Il devient de plus en plus incertain que l’épidémie ne perturbe pas la campagne et le scrutin prévu pour juin.

Un électeur en train de voter (illustration)
Un électeur en train de voter (illustration) Crédit : AFP/FRED DUFOUR
Emmanuelle
Emmanuelle Brisson Journaliste

L’année 2021 s’annonce incertaine et cela vaut aussi pour le monde politique. Les scrutins démocratiques sont chamboulés et les élections régionales et départementales qui devaient avoir lieu en mars sont reportés en juin à cause de la crise sanitaire.

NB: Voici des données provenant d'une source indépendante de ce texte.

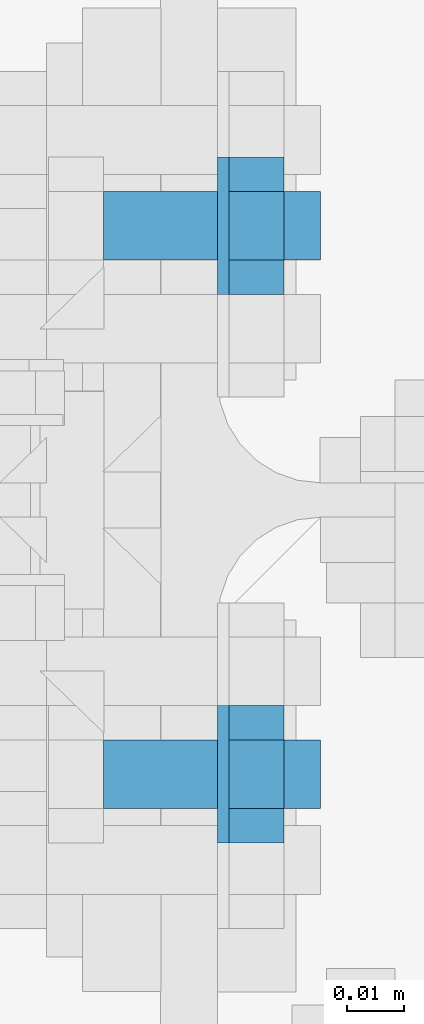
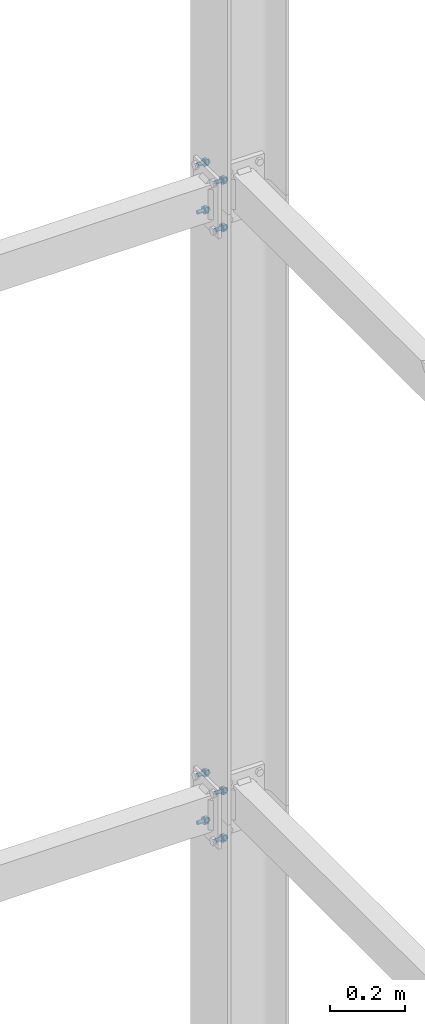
# One storey, part 227 of 251: 24 mechanical fasteners.
"""IFC4 building model written with IfcOpenShell, lengths in metres."""

from ifc_helpers import new_model, si_unit, frame, origin_with_axes, place, context, project, spatial, polyline, outline, extrude, type_object, element, save


model = new_model("IFC4")

# Units and contexts
model_context = context("Model", 3, precision=1e-05, world=origin_with_axes())
ifc_project = project(units=[si_unit("LENGTHUNIT", "METRE"), si_unit("AREAUNIT", "SQUARE_METRE"), si_unit("VOLUMEUNIT", "CUBIC_METRE"), si_unit("MASSUNIT", "GRAM", prefix="KILO"), si_unit("TIMEUNIT", "SECOND"), si_unit("PLANEANGLEUNIT", "RADIAN"), si_unit("SOLIDANGLEUNIT", "STERADIAN"), si_unit("THERMODYNAMICTEMPERATUREUNIT", "DEGREE_CELSIUS")], contexts=[model_context])

# Site, building, storey
placement_1 = place(None, origin_with_axes())
site = spatial("IfcSite", under=ifc_project, at=placement_1, Name="Italia", CompositionType="ELEMENT")
building = spatial("IfcBuilding", under=site, at=placement_1, Name="Deposito", CompositionType="ELEMENT")
storey = spatial("IfcBuildingStorey", under=building, at=placement_1, Name="Storey 0", CompositionType="ELEMENT", Elevation=0.0)

# Mechanical fasteners
mechanical_fastener_type_1 = type_object("IfcMechanicalFastenerType", Name="Collegamenti -005_-006 -008_-007 -013_-014 -016_-015", PredefinedType="BOLT")
placement_2 = place(placement_1, origin_with_axes())
mechanical_fastener_1_placement = place(placement_2, origin_with_axes())
element("IfcMechanicalFastener", 1, at=mechanical_fastener_1_placement, inside=storey, type_object=mechanical_fastener_type_1, Name="Collegamenti -005_-006 -008_-007 -013_-014 -016_-015", NominalDiameter=0.012, context=model_context, shape_type="SweptSolid", body=[
    extrude(outline(polyline([(0.0, 0.0), (-0.000204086, -0.00155294), (-0.000804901, -0.00300002), (-0.00175858, -0.00424266), (-0.00300026, -0.00519615), (-0.00444794, -0.00579554), (-0.00600052, -0.00599998), (-0.0075531, -0.00579554), (-0.00900078, -0.00519615), (-0.0102425, -0.00424266), (-0.0111961, -0.00300002), (-0.011797, -0.00155294), (-0.012001, 0.0), (-0.011797, 0.00155294), (-0.0111961, 0.00300002), (-0.0102425, 0.00424266), (-0.00900078, 0.00519615), (-0.0075531, 0.00579554), (-0.00600052, 0.00599998), (-0.00444794, 0.00579554), (-0.00300026, 0.00519615), (-0.00175858, 0.00424266), (-0.000804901, 0.00300002), (-0.000204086, 0.00155294), (0.0, 0.0)])), frame((19.933, 20.042, 0.922), z_axis=(-1.0, 0.0, 0.0), x_axis=(0.0, -1.0, 0.0)), (0.0, 0.0, 1.0), 0.0380001),
])
mechanical_fastener_type_2 = type_object("IfcMechanicalFastenerType", Name="Collegamenti -005_-006 -008_-007 -013_-014 -016_-015", PredefinedType="BOLT")
mechanical_fastener_2_placement = place(placement_2, origin_with_axes())
element("IfcMechanicalFastener", 2, at=mechanical_fastener_2_placement, inside=storey, type_object=mechanical_fastener_type_2, Name="Collegamenti -005_-006 -008_-007 -013_-014 -016_-015", NominalDiameter=0.0119993, context=model_context, shape_type="SweptSolid", body=[
    extrude(outline(polyline([(0.0, 0.0), (-0.012001, 0.0), (-0.0179996, 0.0103923), (-0.012001, 0.0207846), (0.0, 0.0207846), (0.00600052, 0.0103923), (0.0, 0.0)])), frame((19.9266, 20.042, 0.911608), z_axis=(-1.0, 0.0, 0.0), x_axis=(0.0, -1.0, 0.0)), (0.0, 0.0, 1.0), 0.00959969),
])
mechanical_fastener_type_3 = type_object("IfcMechanicalFastenerType", Name="Collegamenti -005_-006 -008_-007 -013_-014 -016_-015", PredefinedType="BOLT")
mechanical_fastener_3_placement = place(placement_2, origin_with_axes())
element("IfcMechanicalFastener", 3, at=mechanical_fastener_3_placement, inside=storey, type_object=mechanical_fastener_type_3, Name="Collegamenti -005_-006 -008_-007 -013_-014 -016_-015", NominalDiameter=0.024, context=model_context, shape_type="SweptSolid", body=[
    extrude(outline(polyline([(0.0, 0.0), (-0.000408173, -0.00310582), (-0.00160599, -0.00599998), (-0.00351334, -0.00848526), (-0.00599861, -0.0103923), (-0.00889397, -0.0115911), (-0.0119991, -0.012), (-0.0151043, -0.0115911), (-0.0179996, -0.0103923), (-0.0204849, -0.00848526), (-0.0223923, -0.00599998), (-0.0235901, -0.00310582), (-0.0239983, 0.0), (-0.0235901, 0.00310582), (-0.0223923, 0.00599998), (-0.0204849, 0.00848526), (-0.0179996, 0.0103923), (-0.0151043, 0.0115911), (-0.0119991, 0.012), (-0.00889397, 0.0115911), (-0.00599861, 0.0103923), (-0.00351334, 0.00848526), (-0.00160599, 0.00599998), (-0.000408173, 0.00310582), (0.0, 0.0)])), frame((19.917, 20.036, 0.922), z_axis=(-1.0, 0.0, 0.0), x_axis=(0.0, -1.0, 0.0)), (0.0, 0.0, 1.0), 0.0019989),
])
mechanical_fastener_type_4 = type_object("IfcMechanicalFastenerType", Name="Collegamenti -005_-006 -008_-007 -013_-014 -016_-015", PredefinedType="BOLT")
mechanical_fastener_4_placement = place(placement_2, origin_with_axes())
element("IfcMechanicalFastener", 4, at=mechanical_fastener_4_placement, inside=storey, type_object=mechanical_fastener_type_4, Name="Collegamenti -005_-006 -008_-007 -013_-014 -016_-015", NominalDiameter=0.012, context=model_context, shape_type="SweptSolid", body=[
    extrude(outline(polyline([(0.0, 0.0), (-0.000204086, -0.00155294), (-0.000804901, -0.00300002), (-0.00175858, -0.00424266), (-0.00300026, -0.00519615), (-0.00444794, -0.00579554), (-0.00600052, -0.00599998), (-0.0075531, -0.00579554), (-0.00900078, -0.00519615), (-0.0102425, -0.00424266), (-0.0111961, -0.00300002), (-0.011797, -0.00155294), (-0.012001, 0.0), (-0.011797, 0.00155294), (-0.0111961, 0.00300002), (-0.0102425, 0.00424266), (-0.00900078, 0.00519615), (-0.0075531, 0.00579554), (-0.00600052, 0.00599998), (-0.00444794, 0.00579554), (-0.00300026, 0.00519615), (-0.00175858, 0.00424266), (-0.000804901, 0.00300002), (-0.000204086, 0.00155294), (0.0, 0.0)])), frame((19.933, 19.946, 0.922), z_axis=(-1.0, 0.0, 0.0), x_axis=(0.0, -1.0, 0.0)), (0.0, 0.0, 1.0), 0.0380001),
])
mechanical_fastener_type_5 = type_object("IfcMechanicalFastenerType", Name="Collegamenti -005_-006 -008_-007 -013_-014 -016_-015", PredefinedType="BOLT")
mechanical_fastener_5_placement = place(placement_2, origin_with_axes())
element("IfcMechanicalFastener", 5, at=mechanical_fastener_5_placement, inside=storey, type_object=mechanical_fastener_type_5, Name="Collegamenti -005_-006 -008_-007 -013_-014 -016_-015", NominalDiameter=0.0119993, context=model_context, shape_type="SweptSolid", body=[
    extrude(outline(polyline([(0.0, 0.0), (-0.012001, 0.0), (-0.0180016, 0.0103923), (-0.012001, 0.0207846), (0.0, 0.0207846), (0.00599861, 0.0103923), (0.0, 0.0)])), frame((19.9266, 19.946, 0.911608), z_axis=(-1.0, 0.0, 0.0), x_axis=(0.0, -1.0, 0.0)), (0.0, 0.0, 1.0), 0.00959969),
])
mechanical_fastener_type_6 = type_object("IfcMechanicalFastenerType", Name="Collegamenti -005_-006 -008_-007 -013_-014 -016_-015", PredefinedType="BOLT")
mechanical_fastener_6_placement = place(placement_2, origin_with_axes())
element("IfcMechanicalFastener", 6, at=mechanical_fastener_6_placement, inside=storey, type_object=mechanical_fastener_type_6, Name="Collegamenti -005_-006 -008_-007 -013_-014 -016_-015", NominalDiameter=0.024, context=model_context, shape_type="SweptSolid", body=[
    extrude(outline(polyline([(0.0, 0.0), (-0.000408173, -0.00310582), (-0.00160599, -0.00599998), (-0.00351334, -0.00848526), (-0.00599861, -0.0103923), (-0.00889397, -0.0115911), (-0.0119991, -0.012), (-0.0151043, -0.0115911), (-0.0179996, -0.0103923), (-0.0204849, -0.00848526), (-0.0223923, -0.00599998), (-0.0235901, -0.00310582), (-0.0239983, 0.0), (-0.0235901, 0.00310582), (-0.0223923, 0.00599998), (-0.0204849, 0.00848526), (-0.0179996, 0.0103923), (-0.0151043, 0.0115911), (-0.0119991, 0.012), (-0.00889397, 0.0115911), (-0.00599861, 0.0103923), (-0.00351334, 0.00848526), (-0.00160599, 0.00599998), (-0.000408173, 0.00310582), (0.0, 0.0)])), frame((19.917, 19.94, 0.922), z_axis=(-1.0, 0.0, 0.0), x_axis=(0.0, -1.0, 0.0)), (0.0, 0.0, 1.0), 0.0019989),
])
mechanical_fastener_type_7 = type_object("IfcMechanicalFastenerType", Name="Collegamenti -005_-006 -008_-007 -013_-014 -016_-015", PredefinedType="BOLT")
mechanical_fastener_7_placement = place(placement_2, origin_with_axes())
element("IfcMechanicalFastener", 7, at=mechanical_fastener_7_placement, inside=storey, type_object=mechanical_fastener_type_7, Name="Collegamenti -005_-006 -008_-007 -013_-014 -016_-015", NominalDiameter=0.012, context=model_context, shape_type="SweptSolid", body=[
    extrude(outline(polyline([(0.0, 0.0), (-0.000204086, -0.00155294), (-0.000804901, -0.00300002), (-0.00175858, -0.00424266), (-0.00300026, -0.00519609), (-0.00444794, -0.0057956), (-0.00600052, -0.00600004), (-0.0075531, -0.0057956), (-0.00900078, -0.00519609), (-0.0102425, -0.00424266), (-0.0111961, -0.00300002), (-0.011797, -0.00155294), (-0.012001, 0.0), (-0.011797, 0.00155294), (-0.0111961, 0.00300002), (-0.0102425, 0.00424266), (-0.00900078, 0.00519609), (-0.0075531, 0.0057956), (-0.00600052, 0.00600004), (-0.00444794, 0.0057956), (-0.00300026, 0.00519609), (-0.00175858, 0.00424266), (-0.000804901, 0.00300002), (-0.000204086, 0.00155294), (0.0, 0.0)])), frame((19.933, 20.042, 1.078), z_axis=(-1.0, 0.0, 0.0), x_axis=(0.0, -1.0, 0.0)), (0.0, 0.0, 1.0), 0.0380001),
])
mechanical_fastener_type_8 = type_object("IfcMechanicalFastenerType", Name="Collegamenti -005_-006 -008_-007 -013_-014 -016_-015", PredefinedType="BOLT")
mechanical_fastener_8_placement = place(placement_2, origin_with_axes())
element("IfcMechanicalFastener", 8, at=mechanical_fastener_8_placement, inside=storey, type_object=mechanical_fastener_type_8, Name="Collegamenti -005_-006 -008_-007 -013_-014 -016_-015", NominalDiameter=0.0119993, context=model_context, shape_type="SweptSolid", body=[
    extrude(outline(polyline([(0.0, 0.0), (-0.012001, 0.0), (-0.0179996, 0.0103923), (-0.012001, 0.0207846), (0.0, 0.0207846), (0.00600052, 0.0103923), (0.0, 0.0)])), frame((19.9266, 20.042, 1.06761), z_axis=(-1.0, 0.0, 0.0), x_axis=(0.0, -1.0, 0.0)), (0.0, 0.0, 1.0), 0.00959969),
])
mechanical_fastener_type_9 = type_object("IfcMechanicalFastenerType", Name="Collegamenti -005_-006 -008_-007 -013_-014 -016_-015", PredefinedType="BOLT")
mechanical_fastener_9_placement = place(placement_2, origin_with_axes())
element("IfcMechanicalFastener", 9, at=mechanical_fastener_9_placement, inside=storey, type_object=mechanical_fastener_type_9, Name="Collegamenti -005_-006 -008_-007 -013_-014 -016_-015", NominalDiameter=0.024, context=model_context, shape_type="SweptSolid", body=[
    extrude(outline(polyline([(0.0, 0.0), (-0.000408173, -0.00310588), (-0.00160599, -0.00600004), (-0.00351334, -0.00848532), (-0.00599861, -0.0103923), (-0.00889397, -0.0115911), (-0.0119991, -0.012), (-0.0151043, -0.0115911), (-0.0179996, -0.0103923), (-0.0204849, -0.00848532), (-0.0223923, -0.00600004), (-0.0235901, -0.00310588), (-0.0239983, 0.0), (-0.0235901, 0.00310588), (-0.0223923, 0.00600004), (-0.0204849, 0.00848532), (-0.0179996, 0.0103923), (-0.0151043, 0.0115911), (-0.0119991, 0.012), (-0.00889397, 0.0115911), (-0.00599861, 0.0103923), (-0.00351334, 0.00848532), (-0.00160599, 0.00600004), (-0.000408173, 0.00310588), (0.0, 0.0)])), frame((19.917, 20.036, 1.078), z_axis=(-1.0, 0.0, 0.0), x_axis=(0.0, -1.0, 0.0)), (0.0, 0.0, 1.0), 0.0019989),
])
mechanical_fastener_type_10 = type_object("IfcMechanicalFastenerType", Name="Collegamenti -005_-006 -008_-007 -013_-014 -016_-015", PredefinedType="BOLT")
mechanical_fastener_10_placement = place(placement_2, origin_with_axes())
element("IfcMechanicalFastener", 10, at=mechanical_fastener_10_placement, inside=storey, type_object=mechanical_fastener_type_10, Name="Collegamenti -005_-006 -008_-007 -013_-014 -016_-015", NominalDiameter=0.012, context=model_context, shape_type="SweptSolid", body=[
    extrude(outline(polyline([(0.0, 0.0), (-0.000204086, -0.00155294), (-0.000804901, -0.00300002), (-0.00175858, -0.00424266), (-0.00300026, -0.00519609), (-0.00444794, -0.0057956), (-0.00600052, -0.00600004), (-0.0075531, -0.0057956), (-0.00900078, -0.00519609), (-0.0102425, -0.00424266), (-0.0111961, -0.00300002), (-0.011797, -0.00155294), (-0.012001, 0.0), (-0.011797, 0.00155294), (-0.0111961, 0.00300002), (-0.0102425, 0.00424266), (-0.00900078, 0.00519609), (-0.0075531, 0.0057956), (-0.00600052, 0.00600004), (-0.00444794, 0.0057956), (-0.00300026, 0.00519609), (-0.00175858, 0.00424266), (-0.000804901, 0.00300002), (-0.000204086, 0.00155294), (0.0, 0.0)])), frame((19.933, 19.946, 1.078), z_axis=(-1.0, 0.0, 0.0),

Alors que le projet de loi actant ce nouveau calendrier vient à peine d’arriver au Parlement, la date de juin, elle, est déjà remise en question. Les campagnes ont déjà commencé, mais chez les politiques de tous bords certains sont pessimistes

"Je crois à titre personnel que les Français n’auront pas la tête à voter en juin", avance le député de la Vienne LaREM Sacha Houlié. Le sénateur socialiste du Nord, Patrick Kanner semble être du même avis : "Je n’ai pas envie d’un scrutin marqué par l’abstention. Une élection peut se tenir techniquement avec les gestes barrières, mais je crains que malgré cela, les gens aient peur et ne viennent pas".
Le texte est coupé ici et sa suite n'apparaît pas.